« Il ne faut pas qu’Israël se venge », répète en chœur la presse internationale, et française en particulier. Sans doute peut-on voir dans cet avertissement les intentions pacifistes les plus nobles. Reste qu’il témoigne d’un étrange paternalisme : le concert des nations craindrait-il que l’État israélien, petit frère encore jeune, ne régresse vers des dispositions archaïques ? En est-il même jamais sorti ? Dans son texte, Danny Trom interroge le rapport, d’exclusion, qu’entretient l’état moderne avec la vengeance, ainsi que les confusions qu’entraîne l’asymétrie d’un conflit entre un État et un groupe qui se pose comme son ennemi existentiel. Par-là, il rassure ceux qui peuvent l’être : non, il n’y aura pas de vengeance israélienne. Quant aux autres, qui s’obstinent à comprendre la réaction d’Israël sur le registre de la vengeance, il la leur tend comme un miroir. Car que traduit la fascination pour la logique vengeresse, sinon que l’on espère déjà y être inscrit ? « Le Hamas venge les Palestiniens de l’humiliation infligée par Israël », voilà ce qui transparaît dans le discours de cette gauche qui sait faire son beurre à partir du ressentiment. Fantasmes d’auto-humiliation et d’impossible proportionnalité s’y conjuguent. Pendant ce temps, le sol tremble sous les pieds des juifs.
Alors que Tsahal effectue ses premières incursions sur le sol de Gaza pour y combattre les forces du Hamas, il importe plus que jamais de comprendre la réalité sociale et politique de la population gazaouie. Comprendre, avant tout, pour pouvoir distinguer ce qui ne saurait être confondu : un groupe ayant certes accédé au pouvoir par les urnes en 2005, mais qui s’y maintient depuis en opprimant la société civile, et une population dont les vies et aspirations se trouvent instrumentalisées et sacrifiées. Comprendre, cependant, exige de se pencher pour écouter ; de cet effort non consenti, on peut faire le reproche à la communauté internationale et au gouvernement israélien. Cette semaine, K. se propose de partager le projet Whispered in Gaza, des témoignages de Gazaouis recueillis et animés par le Center for Peace Communications.
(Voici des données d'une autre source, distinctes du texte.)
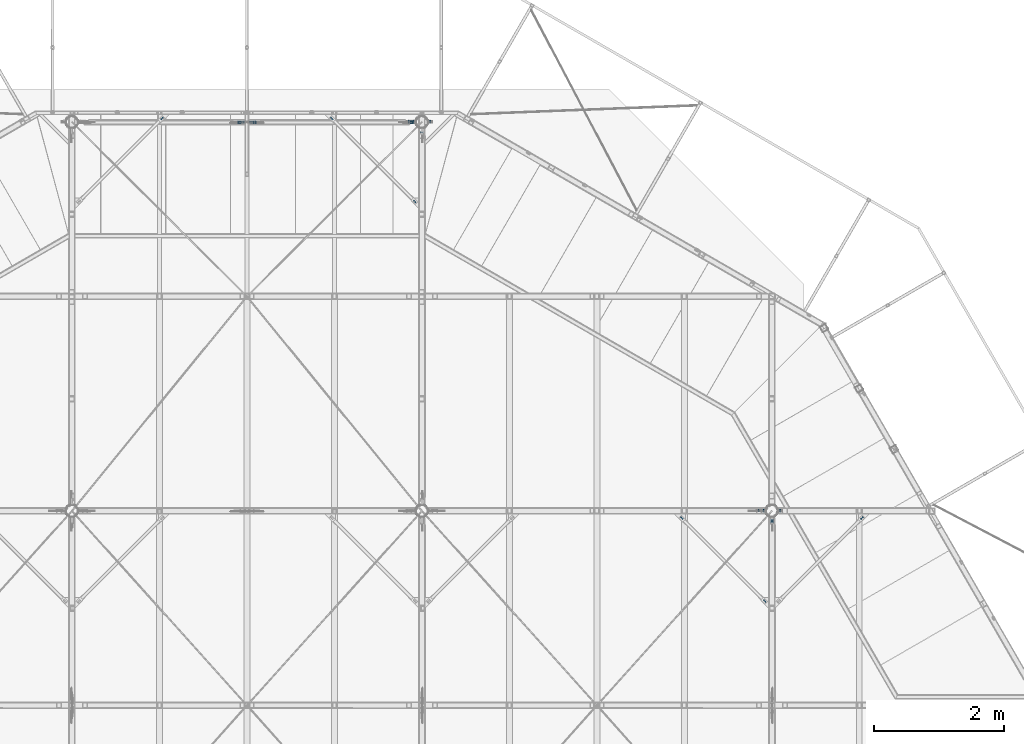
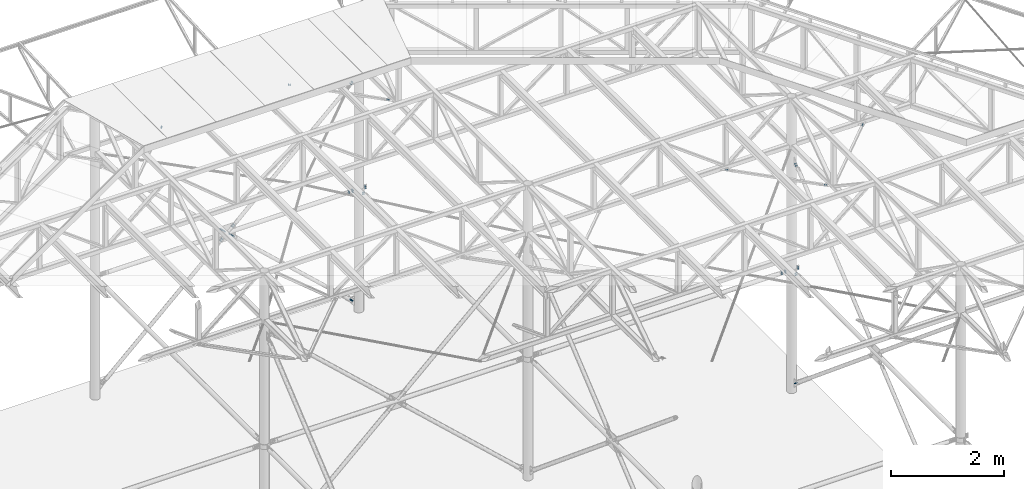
# One storey, part 124 of 132: 27 mechanical fasteners, 19 elements without a shape of their own.
"""IFC2X3 building model written with IfcOpenShell, lengths in millimetres."""

from ifc_helpers import new_model, si_unit, frame, origin_with_axes, origin_2d_with_axis, place, context, subcontext, project, spatial, polyline, circle, outline, extrude, source, transform, mapped, material, type_object, element, aggregate, save


model = new_model("IFC2X3")

# Units and contexts
model_context = context("Model", 3, precision=1e-05, world=origin_with_axes())
body_context = subcontext(model_context, "Body", "Model", "MODEL_VIEW")
ifc_project = project(units=[si_unit("LENGTHUNIT", "METRE", prefix="MILLI"), si_unit("AREAUNIT", "SQUARE_METRE"), si_unit("VOLUMEUNIT", "CUBIC_METRE"), si_unit("MASSUNIT", "GRAM", prefix="KILO"), si_unit("TIMEUNIT", "SECOND"), si_unit("PLANEANGLEUNIT", "RADIAN"), si_unit("SOLIDANGLEUNIT", "STERADIAN"), si_unit("THERMODYNAMICTEMPERATUREUNIT", "DEGREE_CELSIUS"), si_unit("LUMINOUSINTENSITYUNIT", "LUMEN")], contexts=[model_context])

# Site, building, storey
site_placement = place(None, origin_with_axes())
site = spatial("IfcSite", under=ifc_project, at=site_placement, Name="Budowa", CompositionType="ELEMENT")
building_placement = place(site_placement, origin_with_axes())
building = spatial("IfcBuilding", under=site, at=building_placement, Name="Undefined", CompositionType="ELEMENT")
storey_placement = place(building_placement, origin_with_axes())
storey = spatial("IfcBuildingStorey", under=building, at=storey_placement, Name="Undefined", CompositionType="ELEMENT", Elevation=0.0)

# Assembly, mechanical fastener
assembly_1_placement = place(storey_placement, origin_with_axes())
assembly_1 = element("IfcElementAssembly", 1, at=assembly_1_placement, inside=storey, Name="Steel Assembly", AssemblyPlace="NOTDEFINED", PredefinedType="RIGID_FRAME")
ifc_material = material(Name="Undefined")
discrete_accessory_type = type_object("IfcDiscreteAccessoryType", Name="Bolt assembly")
shared_shape_1 = source(origin_with_axes(), body_context, "Body", "SweptSolid", [
    extrude(circle(Radius=9.5, at=origin_2d_with_axis()), frame((0.0, -2.10099750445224, 0.0), z_axis=(0.0, 1.0, 0.0), x_axis=(1.0, 0.0, 0.0)), (0.0, 0.0, 1.0), 8.1),
    extrude(circle(Radius=9.5, at=origin_2d_with_axis()), frame((0.0, -9.9, 0.0), z_axis=(0.0, 1.0, 0.0), x_axis=(1.0, 0.0, 0.0)), (0.0, 0.0, 1.0), 8.0),
    extrude(outline(polyline([(13.85640646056, 0.0), (6.92820323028, 12.0000000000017), (-6.92820323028, 12.0000000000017), (-13.85640646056, 0.0), (-6.92820323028, -12.0000000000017), (6.92820323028, -12.0000000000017), (13.85640646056, 0.0)])), frame((0.0, -23.0, 0.0), z_axis=(0.0, 1.0, 0.0), x_axis=(1.0, 0.0, 0.0)), (0.0, 0.0, 1.0), 10.0),
    extrude(circle(Radius=8.0, at=origin_2d_with_axis()), frame((0.0, -13.0, 0.0), z_axis=(0.0, 1.0, 0.0), x_axis=(1.0, 0.0, 0.0)), (0.0, 0.0, 1.0), 45.0),
    extrude(circle(Radius=15.0, at=origin_2d_with_axis()), frame((0.0, -13.0, 0.0), z_axis=(0.0, 1.0, 0.0), x_axis=(1.0, 0.0, 0.0)), (0.0, 0.0, 1.0), 3.0),
    extrude(circle(Radius=15.0, at=origin_2d_with_axis()), frame((0.0, 5.99900249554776, 0.0), z_axis=(0.0, 1.0, 0.0), x_axis=(1.0, 0.0, 0.0)), (0.0, 0.0, 1.0), 3.0),
    extrude(outline(polyline([(13.85640646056, 0.0), (6.92820323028, 12.0000000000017), (-6.92820323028, 12.0000000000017), (-13.85640646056, 0.0), (-6.92820323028, -12.0000000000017), (6.92820323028, -12.0000000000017), (13.85640646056, 0.0)])), frame((0.0, 8.99900249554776, 0.0), z_axis=(0.0, 1.0, 0.0), x_axis=(1.0, 0.0, 0.0)), (0.0, 0.0, 1.0), 13.0),
])
mechanical_fastener_1_placement = place(assembly_1_placement, frame((14684.3261492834, 23997.9999976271, 12480.2077566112), z_axis=(0.67855182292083, 0.0, -0.734552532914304), x_axis=(-0.734552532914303, 0.0, -0.67855182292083)))
mechanical_fastener_1 = element("IfcMechanicalFastener", 2, at=mechanical_fastener_1_placement, type_object=discrete_accessory_type, material=ifc_material, Name="Bolt assembly", NominalDiameter=16.0, NominalLength=45.0, context=body_context, shape_type="MappedRepresentation", body=[
    mapped(shared_shape_1, transform((0.0, 0.0, 0.0))),
    mapped(shared_shape_1, transform((40.0000000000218, 0.0, -1.81898940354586e-12))),
])
aggregate(assembly_1, [mechanical_fastener_1])

assembly_2_placement = place(storey_placement, origin_with_axes())
assembly_2 = element("IfcElementAssembly", 3, at=assembly_2_placement, inside=storey, Name="Steel Assembly", AssemblyPlace="NOTDEFINED", PredefinedType="RIGID_FRAME")
mechanical_fastener_2_placement = place(assembly_2_placement, frame((14684.3261497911, 23997.9999973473, 7751.7929987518), z_axis=(-0.67855182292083, 0.0, -0.734552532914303), x_axis=(-0.734552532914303, 0.0, 0.67855182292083)))
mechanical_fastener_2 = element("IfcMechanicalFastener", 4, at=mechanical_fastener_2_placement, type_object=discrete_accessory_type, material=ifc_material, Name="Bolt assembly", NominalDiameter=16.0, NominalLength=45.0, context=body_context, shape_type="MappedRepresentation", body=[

Dans ces vidéos, les voix ont beau être étouffées, réduites au chuchotement, les noms et visages anonymisés par peur des représailles, la parole y est limpide. S’y expriment la cause palestinienne en ce qu’elle a de plus juste, et la résistance contre son accaparement par la logique haineuse et mortifère du Hamas. Surtout, on y entend la lassitude d’une population entraînée contre son gré dans un conflit armé dont elle ne retire que mort et désolation.
L’événement bouleversant que nous traversons impose aux schémas d’interprétation les mieux rodés un moment d’arrêt qui, on pourrait l’espérer, rend possible le retour réflexif. Cette rupture tend toutefois à être de courte durée, quand elle est même tolérée. À grand renfort de contextualisations, et souvent de déni, le sens peut être restauré, la cohérence inébranlable d’une vision du monde maintenue : « Je ne suis pas étonné », s’enorgueillit alors celui qui se veut sage. Dans son texte, Ruben Honigmann nous partage au contraire un étonnement qui n’est pas près d’être résorbé : celui que lui inspire ce peuple juif qui ne cesse de s’étonner. Étonnant peuple en effet que celui qui, après tous ces millénaires, persiste à s’étonner d’être persécuté ; sa naïveté en serait presque énervante. Mais, glissant d’un étonnement à l’autre, Ruben Honigmann nous rappelle l’importance vitale qu’il y a à se laisser surprendre, à ne « jamais être repu de sens ». Que ce regard éternellement enfantin soit celui du plus vieux peuple du monde ne le démentira pas.